📗 Commentaire pastoral de Marie-Noëlle Thabut


Premiere lecture : EXODE 12, 1-8.11-14

Texte

1 En ces jours-la, dans le pays d’Egypte,

le SEIGNEUR dit a Moise et a son frere Aaron :

2 « Ce mois-ci sera pour vous le premier des mois,

il marquera pour vous le commencement de l’annee.

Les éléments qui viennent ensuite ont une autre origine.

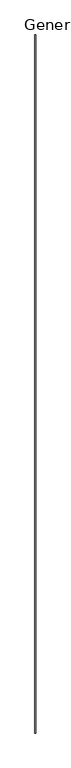
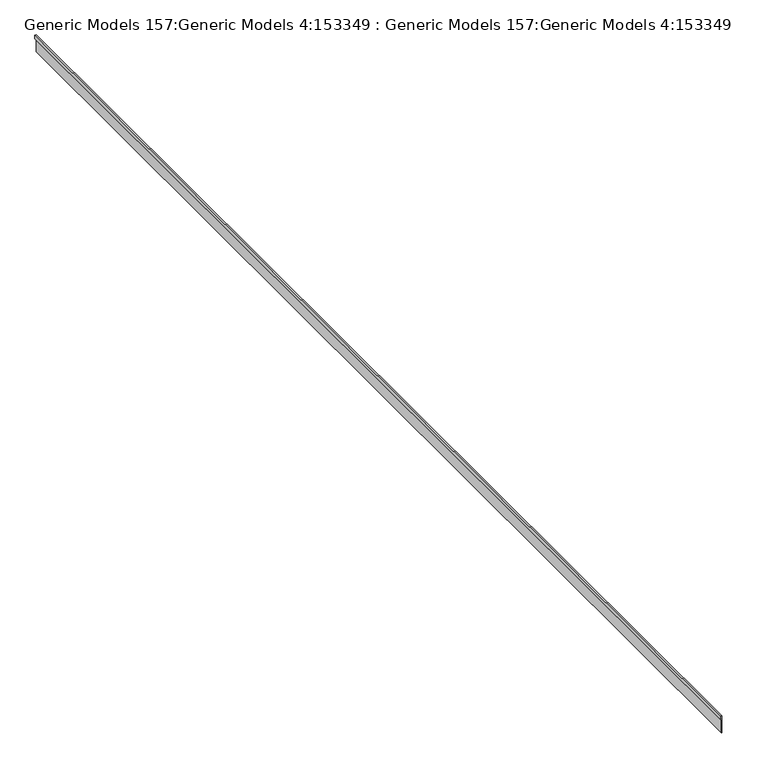
"""IFC4 building model written with IfcOpenShell, lengths in millimetres: proxy geometry, Generic Models 157:Generic Models 4:153349 : Generic Models 157:Generic Models 4:153349."""

import ifcopenshell
import ifcopenshell.guid

model = None  # the IFC model being written
_history = None  # IfcOwnerHistory: only IFC2X3 demands one
_inside = {}  # id of a spatial element -> (the spatial element, [elements in it])
_under = {}  # id of a project, library or spatial element -> (it, [spatial elements below it])
_declared = {}  # id of a project -> (the project, [libraries it declares])
_typed = {}  # id of a type object -> (the type object, [elements of that type])
_made_of = {}  # id of a material, layer set ... -> (it, [elements and type objects made of it])


def new_model(schema):
    """Start an empty IFC model of exactly this schema.

    Asked for "IFC4X3", IfcOpenShell would pick the latest addendum, in which some entities
    have other attributes; the version numbers below select the first issue.
    IFC2X3 requires an IfcOwnerHistory on every rooted entity: one is made here for all.
    """
    global model, _history
    if schema == "IFC4X3":
        model = ifcopenshell.file(schema_version=(4, 3, 0, 0))
    else:
        model = ifcopenshell.file(schema=schema)
    _inside.clear()
    _under.clear()
    _declared.clear()
    _typed.clear()
    _made_of.clear()
    _history = None
    if model.schema == "IFC2X3":
        org = make("IfcOrganization", Name="unknown")
        user = make(
            "IfcPersonAndOrganization",
            ThePerson=make("IfcPerson", FamilyName="unknown"),
            TheOrganization=org,
        )
        app = make(
            "IfcApplication",
            ApplicationDeveloper=org,
            Version="unknown",
            ApplicationFullName="unknown",
            ApplicationIdentifier="unknown",
        )
        _history = make(
            "IfcOwnerHistory",
            OwningUser=user,
            OwningApplication=app,
            ChangeAction="ADDED",
            CreationDate=0,
        )
    return model


def make(cls, **values):
    """One entity of the class cls with the attributes given. An attribute that is None is left unset."""
    return model.create_entity(
        cls, **{name: value for name, value in values.items() if value is not None}
    )


def rooted(cls, **values):
    """An entity with a GlobalId (a new one), such as an element, a storey or a relation."""
    return make(cls, GlobalId=ifcopenshell.guid.new(), OwnerHistory=_history, **values)


def si_unit(unit_type, name, prefix=None):
    """IfcSIUnit, for example si_unit("LENGTHUNIT", "METRE", prefix="MILLI")."""
    return make("IfcSIUnit", UnitType=unit_type, Prefix=prefix, Name=name)


def assignment(units):
    """IfcUnitAssignment: the units of a project."""
    return None if units is None else make("IfcUnitAssignment", Units=units)


def point(xyz):
    """IfcCartesianPoint."""
    return None if xyz is None else make("IfcCartesianPoint", Coordinates=xyz)


def direction(xyz):
    """IfcDirection."""
    return None if xyz is None else make("IfcDirection", DirectionRatios=xyz)


def frame(location, z_axis=None, x_axis=None):
    """IfcAxis2Placement3D, a coordinate frame: its origin and axes. An axis left out is left unset."""
    return make(
        "IfcAxis2Placement3D",
        Location=point(location),
        Axis=direction(z_axis),
        RefDirection=direction(x_axis),
    )


def origin():
    """The frame at (0, 0, 0) with its axes left unset."""
    return frame((0.0, 0.0, 0.0))


def place(relative_to, where):
    """IfcLocalPlacement: puts the frame where relative to a parent placement (None: the world)."""
    return make(
        "IfcLocalPlacement", PlacementRelTo=relative_to, RelativePlacement=where
    )


def context(
    kind, dimensions, precision=None, world=None, true_north=None, identifier=None
):
    """IfcGeometricRepresentationContext, for example the 3D "Model" context."""
    return make(
        "IfcGeometricRepresentationContext",
        ContextIdentifier=identifier,
        ContextType=kind,
        CoordinateSpaceDimension=dimensions,
        Precision=precision,
        WorldCoordinateSystem=world,
        TrueNorth=true_north,
    )


def project(units=None, contexts=None):
    """IfcProject with its units and contexts."""
    return rooted(
        "IfcProject",
        Name="project",
        RepresentationContexts=contexts,
        UnitsInContext=assignment(units),
    )


def spatial(cls, under=None, at=None, **own):
    """A site, building, storey or space (cls), placed at a placement, below another one or the project."""
    s = rooted(cls, ObjectPlacement=at, **own)
    if under is not None:
        _under.setdefault(under.id(), (under, []))[1].append(s)
    return s


def polyline(points):
    """IfcPolyline through the points."""
    return make("IfcPolyline", Points=[point(p) for p in points])


def outline(outer, holes=None, kind="AREA"):
    """IfcArbitraryClosedProfileDef: a profile drawn as a closed curve; with holes, ...WithVoids."""
    if holes is None:
        return make("IfcArbitraryClosedProfileDef", ProfileType=kind, OuterCurve=outer)
    return make(
        "IfcArbitraryProfileDefWithVoids",
        ProfileType=kind,
        OuterCurve=outer,
        InnerCurves=holes,
    )


def extrude(swept, where, along, depth):
    """IfcExtrudedAreaSolid: the profile swept, set in the frame where, extruded along a direction by depth."""
    return make(
        "IfcExtrudedAreaSolid",
        SweptArea=swept,
        Position=where,
        ExtrudedDirection=direction(along),
        Depth=depth,
    )


def shape(context_of_items, identifier, shape_type, items):
    """IfcShapeRepresentation: the items that make up one representation, for example the "Body"."""
    return make(
        "IfcShapeRepresentation",
        ContextOfItems=context_of_items,
        RepresentationIdentifier=identifier,
        RepresentationType=shape_type,
        Items=items,
    )


def source(mapping_origin, context_of_items, identifier, shape_type, items):
    """IfcRepresentationMap: a shape defined once, which mapped items show again and again."""
    return make(
        "IfcRepresentationMap",
        MappingOrigin=mapping_origin,
        MappedRepresentation=shape(context_of_items, identifier, shape_type, items),
    )


def transform(
    local_origin,
    x_axis=None,
    y_axis=None,
    z_axis=None,
    scale=None,
    scale2=None,
    scale3=None,
    uniform=True,
):
    """IfcCartesianTransformationOperator3D, or its non-uniform kind. x_axis, y_axis, z_axis: its Axis1, 2, 3."""
    if uniform:
        return make(
            "IfcCartesianTransformationOperator3D",
            Axis1=direction(x_axis),
            Axis2=direction(y_axis),
            LocalOrigin=point(local_origin),
            Scale=scale,
            Axis3=direction(z_axis),
        )
    return make(
        "IfcCartesianTransformationOperator3DnonUniform",
        Axis1=direction(x_axis),
        Axis2=direction(y_axis),
        LocalOrigin=point(local_origin),
        Scale=scale,
        Axis3=direction(z_axis),
        Scale2=scale2,
        Scale3=scale3,
    )


def mapped(mapping_source, mapping_target):
    """IfcMappedItem: shows the shape of a source again, moved by a transform."""
    return make(
        "IfcMappedItem", MappingSource=mapping_source, MappingTarget=mapping_target
    )


def made_of(thing, what):
    """Note that an element or type object is made of a material, layer set ...; save() writes the relation."""
    if what is not None:
        _made_of.setdefault(what.id(), (what, []))[1].append(thing)
    return thing


def element(
    cls,
    number,
    at=None,
    inside=None,
    cuts=None,
    type_object=None,
    material=None,
    context=None,
    identifier="Body",
    shape_type=None,
    held_by="IfcProductDefinitionShape",
    body=None,
    shapes=None,
    **own,
):
    """One element of the class cls, such as IfcWall. Its Tag is "e" and its number.

    at: its placement. inside: the storey or other place that contains it. cuts: it is an
    opening in that element (IfcRelVoidsElement). A single representation is given by context,
    identifier, shape_type and body (its items); several are given by shapes. held_by: the class
    of the entity that holds the representations. save() writes the other relations.
    """
    e = rooted(cls, Tag="e%d" % number, ObjectPlacement=at, **own)
    if body is not None:
        shapes = [shape(context, identifier, shape_type, body)]
    if shapes is not None:
        e.Representation = make(held_by, Representations=shapes)
    if inside is not None:
        _inside.setdefault(inside.id(), (inside, []))[1].append(e)
    if cuts is not None:
        rooted(
            "IfcRelVoidsElement", RelatingBuildingElement=cuts, RelatedOpeningElement=e
        )
    if type_object is not None:
        _typed.setdefault(type_object.id(), (type_object, []))[1].append(e)
    return made_of(e, material)


def aggregate(whole, parts):
    """IfcRelAggregates: a whole, such as a stair, and the parts it consists of."""
    return rooted("IfcRelAggregates", RelatingObject=whole, RelatedObjects=parts)


def save(model, path):
    """Write the relations noted so far, then the file.

    IfcRelAggregates (storeys below a building ...), IfcRelContainedInSpatialStructure (elements
    in a storey), IfcRelDefinesByType, IfcRelAssociatesMaterial and IfcRelDeclares: one each for
    every whole, place, type object, material and project.
    """
    for whole, parts in _under.values():
        aggregate(whole, parts)
    for where, things in _inside.values():
        rooted(
            "IfcRelContainedInSpatialStructure",
            RelatedElements=things,
            RelatingStructure=where,
        )
    for kind, things in _typed.values():
        rooted("IfcRelDefinesByType", RelatedObjects=things, RelatingType=kind)
    for what, things in _made_of.values():
        rooted("IfcRelAssociatesMaterial", RelatedObjects=things, RelatingMaterial=what)
    for by, libraries in _declared.values():
        rooted("IfcRelDeclares", RelatingContext=by, RelatedDefinitions=libraries)
    model.write(path)


def generic_models_157_generic_models_4_153349_generic_models_b6bb8373(model_context):
    return source(origin(), model_context, "Body", "SweptSolid", [
        extrude(outline(polyline([(-665.8975126, -10280.5078813), (-665.8975126, -10277.3328813), (-503.9725126, -10277.3328813), (-503.9725126, -10278.9203813), (-476.8710353, -10278.9203813), (-476.8710353, -10294.1571126), (-513.4975126, -10294.1571126), (-513.4975126, -10280.5078813), (-665.8975126, -10280.5078813)])), frame((0.0, -5303.1974793, 0.0), z_axis=(0.0, 1.0, 0.0), x_axis=(0.0, 0.0, 1.0)), (0.0, 0.0, 1.0), 12547.6),
    ])


if __name__ == "__main__":
    model = new_model("IFC4")
    model_context = context("Model", 3, world=origin())
    ifc_project = project(units=[si_unit("LENGTHUNIT", "METRE", prefix="MILLI")], contexts=[model_context])
    site = spatial("IfcSite", under=ifc_project)
    building = spatial("IfcBuilding", under=site)
    placement = place(None, origin())
    generic_models_157_generic_models_4_153349_generic_models_shape = generic_models_157_generic_models_4_153349_generic_models_b6bb8373(model_context)
    element("IfcBuildingElementProxy", 1, Name="Generic Models 157:Generic Models 4:153349 : Generic Models 157:Generic Models 4:153349", ObjectType="Generic Models 157:Generic Models 4:153349 : Generic Models 157:Generic Models 4:153349", at=placement, inside=building, context=model_context, shape_type="MappedRepresentation", body=[
        mapped(generic_models_157_generic_models_4_153349_generic_models_shape, transform((0.0, 0.0, 0.0), x_axis=(1.0, 0.0, 0.0), y_axis=(0.0, 1.0, 0.0), z_axis=(0.0, 0.0, 1.0))),
    ])
    save(model, "model.ifc")

# Revit data of these elements
# Type "Generic Models 157:Generic Models 4:153349 : Generic Models 157:Generic Models 4:153349"
#   NameOverride = "Generic Models 157:Generic Models 4:153349"
#   ObjectTypeOverride = "Generic Models 157:Generic Models 4"
#   Reference = "Generic Models 4"
#   Category = "Generic Models"
#   Tag = "153349"
# Element 1 (IfcBuildingElementProxy, "Generic Models 157:Generic Models 4:153349 : Generic Models 157:Generic Models 4:153349")
#   Materials on its faces: "_MORTAR SETTING BED 12838"
# Materials
#   "_MORTAR SETTING BED 12838": class "Unassigned", colour RGB 191 191 191, transparency 0

3 Parlez ainsi a toute la communaute d’Israel :

le dix de ce mois,

que l’on prenne un agneau par famille,

un agneau par maison.

4 Si la maisonnee est trop peu nombreuse pour un agneau,

elle le prendra avec son voisin le plus proche,

selon le nombre des personnes.

Vous choisirez l’agneau d’apres ce que chacun peut manger.

5 Ce sera une bete sans defaut, un male, de l’annee.

Vous prendrez un agneau ou un chevreau.

6 Vous le garderez jusqu’au quatorzieme jour du mois.

Dans toute l’assemblee de la communaute d’Israel,

on l’immolera au coucher du soleil.

7 On prendra du sang,

que l’on mettra sur les deux montants et sur le linteau

des maisons ou on le mangera.

8 On mangera sa chair cette nuit-la,

on la mangera rotie au feu,

avec des pains sans levain et des herbes ameres.

11 Vous mangerez ainsi : la ceinture aux reins,

les sandales aux pieds,

le baton a la main.

Vous mangerez en toute hate :

c’est la Paque du SEIGNEUR.

12 Je traverserai le pays d’Egypte, cette nuit-la ;

je frapperai tout premier-ne au pays d’Egypte,

depuis les hommes jusqu’au betail.

Contre tous les dieux de l’Egypte

j’exercerai mes jugements :

je suis le SEIGNEUR.

13 Le sang sera pour vous un signe,

sur les maisons ou vous serez.

Je verrai le sang,

et je passerai :

vous ne serez pas atteints par le fleau

dont je frapperai le pays d’Egypte.

14 Ce jour-la sera pour vous un memorial.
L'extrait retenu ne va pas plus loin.